**Source records**

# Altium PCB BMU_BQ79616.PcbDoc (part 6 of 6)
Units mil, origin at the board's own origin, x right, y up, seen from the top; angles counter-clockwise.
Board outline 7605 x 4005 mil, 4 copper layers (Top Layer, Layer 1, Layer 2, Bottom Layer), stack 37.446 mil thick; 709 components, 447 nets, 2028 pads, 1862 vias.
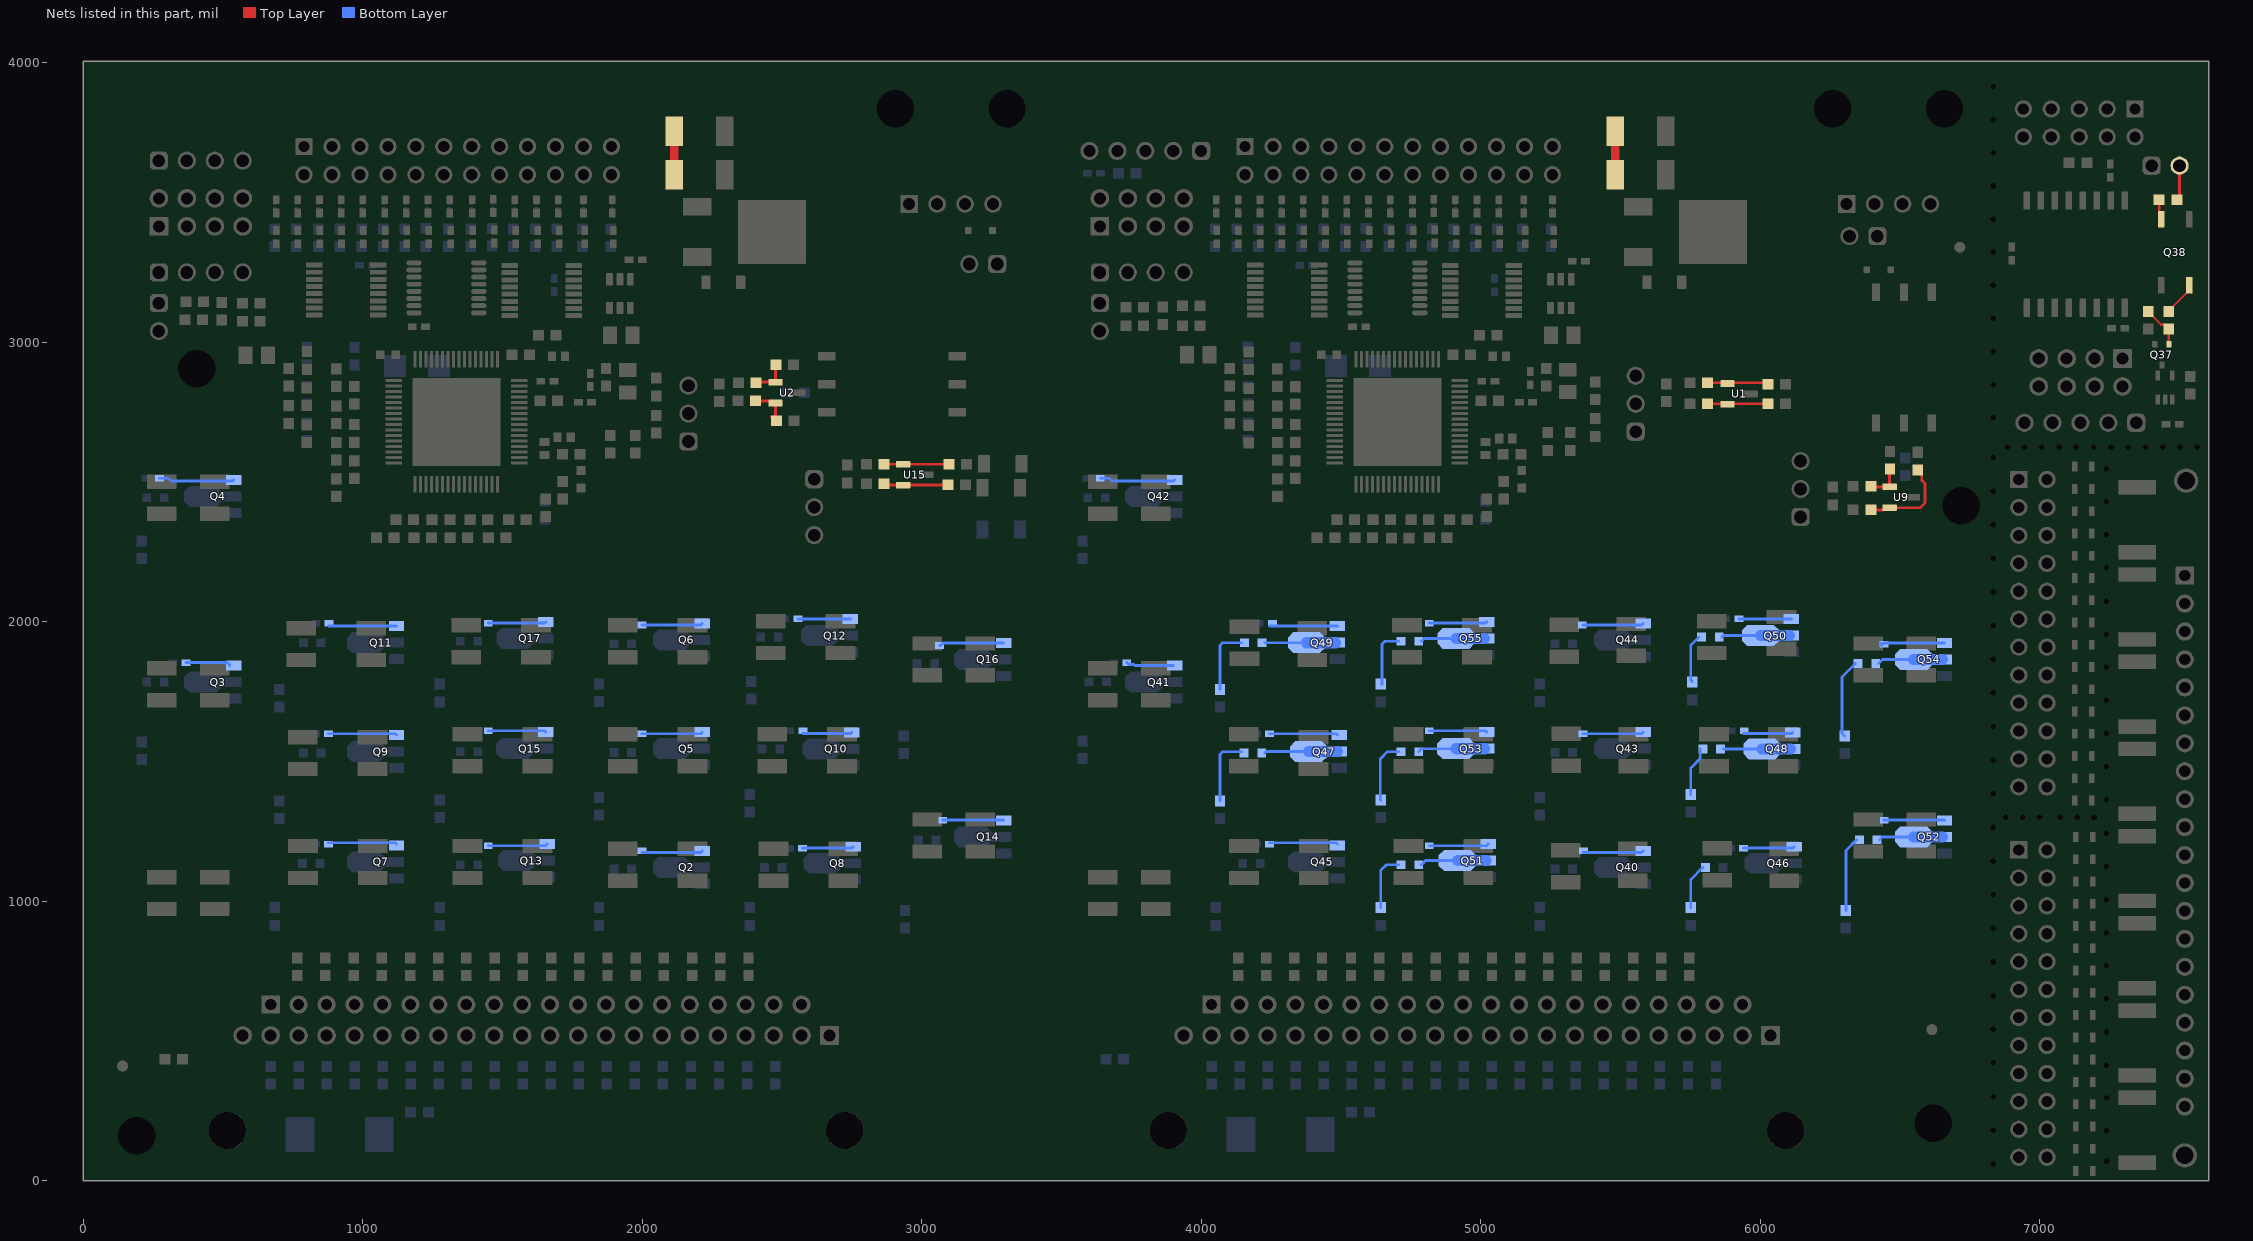
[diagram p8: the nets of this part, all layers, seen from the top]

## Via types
v1: diameter 20, hole 10, Top Layer to Bottom Layer, tented both sides, 1385 vias
v2: diameter 22.01, hole 12.01, Top Layer to Bottom Layer, tented both sides, 405 vias
v3: diameter 19.68, hole 7.87, Top Layer to Bottom Layer, 72 vias

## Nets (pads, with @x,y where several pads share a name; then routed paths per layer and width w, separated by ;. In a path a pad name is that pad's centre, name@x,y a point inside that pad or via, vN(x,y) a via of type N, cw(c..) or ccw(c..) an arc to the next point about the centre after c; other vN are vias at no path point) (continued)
NetD63_2: D63.2 R455.2 | length 161
  Bottom Layer w10: R455.2@5752.36,976.5 5752.36,1077.68 D63.2@5794.69,1120
NetD64_1: D64.1 Q47.2 Q47.4 | length 254.6
  Bottom Layer w10: D64.1@4227.36,1530 4232.76,1535.39 Q47.4@4377.36,1535.39
  Bottom Layer w40: Q47.4@4384.57,1535 Q47.2@4486.93,1535
NetD64_2: D64.2 R456.2 | length 248.5
  Bottom Layer w10: R456.2@4067.36,1357.99 4067.36,1525 4077.36,1535 D64.2@4144.69,1535
NetD65_1: D65.1 Q48.2 Q48.4 | length 240.6
  Bottom Layer w10: D65.1@5868.7,1545 Q48.4@6006.93,1545
  Bottom Layer w40: Q48.4@6006.93,1545 Q48.2@6109.29,1545
NetD65_2: D65.2 R465.2 | length 177.4
  Bottom Layer w10: R465.2@5752.36,1381.5 5752.36,1476.34 5786.02,1510 D65.2@5786.02,1545
NetD66_1: D66.1 Q49.2 Q49.4 | length 252.4
  Bottom Layer w10: D66.1@4227.36,1925 Q49.4@4377.36,1925
  Bottom Layer w40: Q49.4@4377.36,1925 Q49.2@4479.72,1925
NetD66_2: D66.2 R466.2 | length 238.5
  Bottom Layer w10: R466.2@4067.36,1757.99 4067.36,1915 4077.36,1925 D66.2@4144.69,1925
NetD67_1: D67.1 Q50.2 Q50.4 | length 242.9
  Bottom Layer w10: D67.1@5863.7,1945 5869.32,1950.62 Q50.4@6001.93,1950.62
  Bottom Layer w40: Q50.4@6001.93,1950.62 Q50.2@6104.29,1950.62
NetD67_2: D67.2 R475.2 | length 172.4
  Bottom Layer w10: R475.2@5757.36,1786.5 5752.36,1791.5 5752.36,1916.34 D67.2@5781.02,1945
NetD68_1: D68.1 Q51.2 Q51.4 | length 237.2
  Bottom Layer w10: D68.1@4788.42,1130 4803.82,1145.39 Q51.4@4916.93,1145.39
  Bottom Layer w40: Q51.4@4916.93,1145.39 Q51.2@5019.29,1145.39
NetD68_2: D68.2 R476.2 | length 205.2
  Bottom Layer w10: R476.2@4642.36,976.5 4642.36,1110 4662.36,1130 D68.2@4705.74,1130
NetD69_1: D69.1 Q52.2 Q52.4 | length 227.8
  Bottom Layer w10: D69.1@6428.7,1220 6438.7,1230 Q52.4@6550,1230
  Bottom Layer w40: Q52.4@6550,1230 Q52.2@6652.36,1230
NetD69_2: D69.2 R485.2 | length 269.5
  Bottom Layer w10: R485.2@6307.36,966.5 6307.43,966.56 6307.43,1181.4 D69.2@6346.02,1220
NetD70_1: D70.1 Q53.2 Q53.4 | length 239.7
  Bottom Layer w10: D70.1@4778.57,1535 4789.27,1545.69 Q53.4@4911.5,1545.69
  Bottom Layer w40: Q53.4@4911.5,1545.69 Q53.2@5013.86,1545.69
NetD70_2: D70.2 R486.2 | length 223.6
  Bottom Layer w10: R486.2@4642.36,1361.5 4640.74,1363.12 4640.74,1508.38 4667.36,1535 D70.2@4705.74,1535
NetD71_1: D71.1 Q54.2 Q54.4 | length 234.9
  Bottom Layer w10: D71.1@6423.7,1850 6438.7,1865 Q54.4@6550,1865
  Bottom Layer w40: Q54.4@6550,1865 Q54.2@6652.36,1865
NetD71_2: D71.2 R495.2 | length 281.9
  Bottom Layer w10: R495.2@6302.36,1591.5 6293.41,1600.44 6293.41,1802.39 D71.2@6341.02,1850
NetD72_1: D72.1 Q55.2 Q55.4 | length 230.2
  Bottom Layer w10: D72.1@4788.43,1930 4798.82,1940.39 Q55.4@4911.93,1940.39
  Bottom Layer w40: Q55.4@4911.93,1940.39 Q55.2@5014.29,1940.39
NetD72_2: D72.2 R496.2 | length 206
  Bottom Layer w10: R496.2@4647.36,1776.5 4647.36,1920 4657.36,1930 D72.2@4705.75,1930
NetJ5_2: J5.2 R142.1 | length 126
  Top Layer w8: J5.2@7501.24,3601.97 J5.2@7501.24,3631.97
  Top Layer w10: R142.1@7491.5,3510 7501.24,3519.74 J5.2@7501.24,3601.97
NetQ2_1: Q2.1 R12.2 | length 218.6
  Bottom Layer w10: R12.2@1998.62,1173.77 2208.9,1173.77 Q2.1@2214.8,1179.68
NetQ3_1: Q3.1 R13.2 | length 161.9
  Bottom Layer w10: R13.2@366.57,1853.75 515.19,1853.75 523.15,1845.8 Q3.1@523.15,1843.75
NetQ4_1: Q4.1 R16.2 | length 272
  Bottom Layer w10: R16.2@271.57,2513.75 302.95,2513.75 312.95,2503.75 533.7,2503.75 Q4.1@537.75,2507.81
NetQ5_1: Q5.1 R17.2 | length 218.6
  Bottom Layer w10: R17.2@1998.62,1598.77 2208.9,1598.77 Q5.1@2214.8,1604.68
NetQ6_1: Q6.1 R20.2 | length 218.6
  Bottom Layer w10: R20.2@1998.62,1988.15 2208.9,1988.15 Q6.1@2214.8,1994.06
NetQ7_1: Q7.1 R95.2 | length 244.6
  Bottom Layer w10: R95.2@877.4,1208.76 1115.92,1208.76 Q7.1@1120.24,1204.45
NetQ8_1: Q8.1 R106.2 | length 183.1
  Bottom Layer w10: R106.2@2573.62,1190 2750.13,1190 Q8.1@2754.8,1194.68
NetQ9_1: Q9.1 R107.2 | length 244.6
  Bottom Layer w10: R107.2@877.4,1598.76 1115.92,1598.76 Q9.1@1120.24,1594.45
NetQ10_1: Q10.1 R123.2 | length 177.9
  Bottom Layer w10: R123.2@2573.62,1600 2745.75,1600 Q10.1@2749.8,1604.06
NetQ11_1: Q11.1 R124.2 | length 243.2
  Bottom Layer w10: R124.2@877.4,1985 1119.29,1985 Q11.1@1120.24,1984.06
NetQ12_1: Q12.1 R134.2 | length 187.7
  Bottom Layer w10: R134.2@2557.24,2010 2744.48,2010 Q12.1@2744.8,2009.68
NetQ13_1: Q13.1 R135.2 | length 213.6
  Bottom Layer w10: R135.2@1448.62,1198.54 1653.9,1198.54 Q13.1@1659.8,1204.45
NetQ14_1: Q14.1 R136.2 | length 218.3
  Bottom Layer w10: R136.2@3075,1290 3291.93,1290 Q14.1@3292.87,1289.06
NetQ15_1: Q15.1 R137.2 | length 207.9
  Bottom Layer w10: R137.2@1448.62,1610 1649.12,1610 Q15.1@1654.37,1604.75
NetQ16_1: Q16.1 R138.2 | length 233
  Bottom Layer w10: R138.2@3063.62,1915 3067.56,1915 3076.61,1924.06 Q16.1@3292.87,1924.06
NetQ17_1: Q17.1 R139.2 | length 208
  Bottom Layer w10: R139.2@1448.62,1995 1650.35,1995 Q17.1@1654.8,1999.45
NetQ37_1: Q37.1 R140.2 R141.1 | length 152.6
  Top Layer w8: R140.2@7389.24,3110.46 7389.24,3109.48 7435.56,3063.16 7447.54,3063.16 7462.24,3048.46 R141.1@7462.24,3047.47 7462.83,3046.88 Q37.1@7462.83,2995.37
NetQ38_2: Q38.2 R142.2 | length 72.5
  Top Layer w10: R142.2@7428.5,3510 7428.5,3465.77 7435.95,3458.33 Q38.2@7435.95,3440.61
NetQ38_4: Q38.4 R141.2 | length 135.5
  Top Layer w8: R141.2@7462.24,3110.46 7476.94,3125.17 7476.94,3127.67 Q38.4@7535.95,3186.67 ; Q38.4@7535.95,3204.39 Q38.4@7535.95,3186.67 ; Q38.4@7543.76,3178.86 Q38.4@7535.95,3186.67
NetQ40_1: Q40.1 R427.2 | length 218.6
  Bottom Layer w10: R427.2@5365.98,1173.77 5576.26,1173.77 Q40.1@5582.17,1179.68
NetQ41_1: Q41.1 R428.2 | length 170.6
  Bottom Layer w10: R428.2@3733.93,1853.75 3740.26,1847.43 3758.98,1847.43 3762.66,1843.75 3899.56,1843.75 Q41.1@3900.11,1843.2
NetQ42_1: Q42.1 R437.2 | length 272
  Bottom Layer w10: R437.2@3638.93,2513.75 3670.31,2513.75 3680.31,2503.75 3901.06,2503.75 Q42.1@3905.11,2507.81
NetQ43_1: Q43.1 R438.2 | length 218.6
  Bottom Layer w10: R438.2@5365.98,1598.77 5576.26,1598.77 Q43.1@5582.17,1604.68
NetQ44_1: Q44.1 R447.2 | length 218.6
  Bottom Layer w10: R447.2@5365.98,1988.15 5576.26,1988.15 Q44.1@5582.17,1994.06
NetQ45_1: Q45.1 R448.2 | length 244.6
  Bottom Layer w10: R448.2@4244.76,1208.76 4483.28,1208.76 Q45.1@4487.6,1204.45
NetQ46_1: Q46.1 R457.2 | length 183.1
  Bottom Layer w10: R457.2@5940.98,1190 6117.49,1190 Q46.1@6122.17,1194.68
NetQ47_1: Q47.1 R458.2 | length 244.6
  Bottom Layer w10: R458.2@4244.76,1598.76 4483.28,1598.76 Q47.1@4487.6,1594.45
NetQ48_1: Q48.1 R467.2 | length 177.9
  Bottom Layer w10: R467.2@5940.98,1600 6113.11,1600 Q48.1@6117.17,1604.06
NetQ49_1: Q49.1 R468.2 | length 243.2
  Bottom Layer w10: R468.2@4244.76,1985 4486.65,1985 Q49.1@4487.6,1984.06
NetQ50_1: Q50.1 R477.2 | length 187.7
  Bottom Layer w10: R477.2@5924.61,2010 6111.84,2010 Q50.1@6112.17,2009.68
NetQ51_1: Q51.1 R478.2 | length 213.6
  Bottom Layer w10: R478.2@4815.98,1198.54 5021.26,1198.54 Q51.1@5027.17,1204.45
NetQ52_1: Q52.1 R487.2 | length 218.3
  Bottom Layer w10: R487.2@6442.36,1290 6659.29,1290 Q52.1@6660.24,1289.06
NetQ53_1: Q53.1 R488.2 | length 207.9
  Bottom Layer w10: R488.2@4815.98,1610 5016.48,1610 Q53.1@5021.73,1604.75
NetQ54_1: Q54.1 R497.2 | length 233
  Bottom Layer w10: R497.2@6433.78,1922.76 R497.2@6437.72,1922.76 ; R497.2@6434.92,1915 6443.98,1924.06 Q54.1@6660.24,1924.06
NetQ55_1: Q55.1 R498.2 | length 208
  Bottom Layer w10: R498.2@4815.98,1995 5017.72,1995 Q55.1@5022.17,1999.45
NetR24_2: R24.2 R25.1 | length 145
  Top Layer w30: R24.2@2114.45,3600 R25.1@2114.45,3745
NetR69_1: R69.1 R70.2 U15.2 | length 231.1
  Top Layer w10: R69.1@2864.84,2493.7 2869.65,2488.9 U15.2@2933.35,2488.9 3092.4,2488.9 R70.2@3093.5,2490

**Brief**
Among the entries above, take the lines from the one with "Units mil, origin" through the one with "## Via types" and retype them exactly, leaving out the pictures.

**Final answer**
Units mil, origin at the board's own origin, x right, y up, seen from the top; angles counter-clockwise.
Board outline 7605 x 4005 mil, 4 copper layers (Top Layer, Layer 1, Layer 2, Bottom Layer), stack 37.446 mil thick; 709 components, 447 nets, 2028 pads, 1862 vias.
[diagram p8: the nets of this part, all layers, seen from the top]

## Via types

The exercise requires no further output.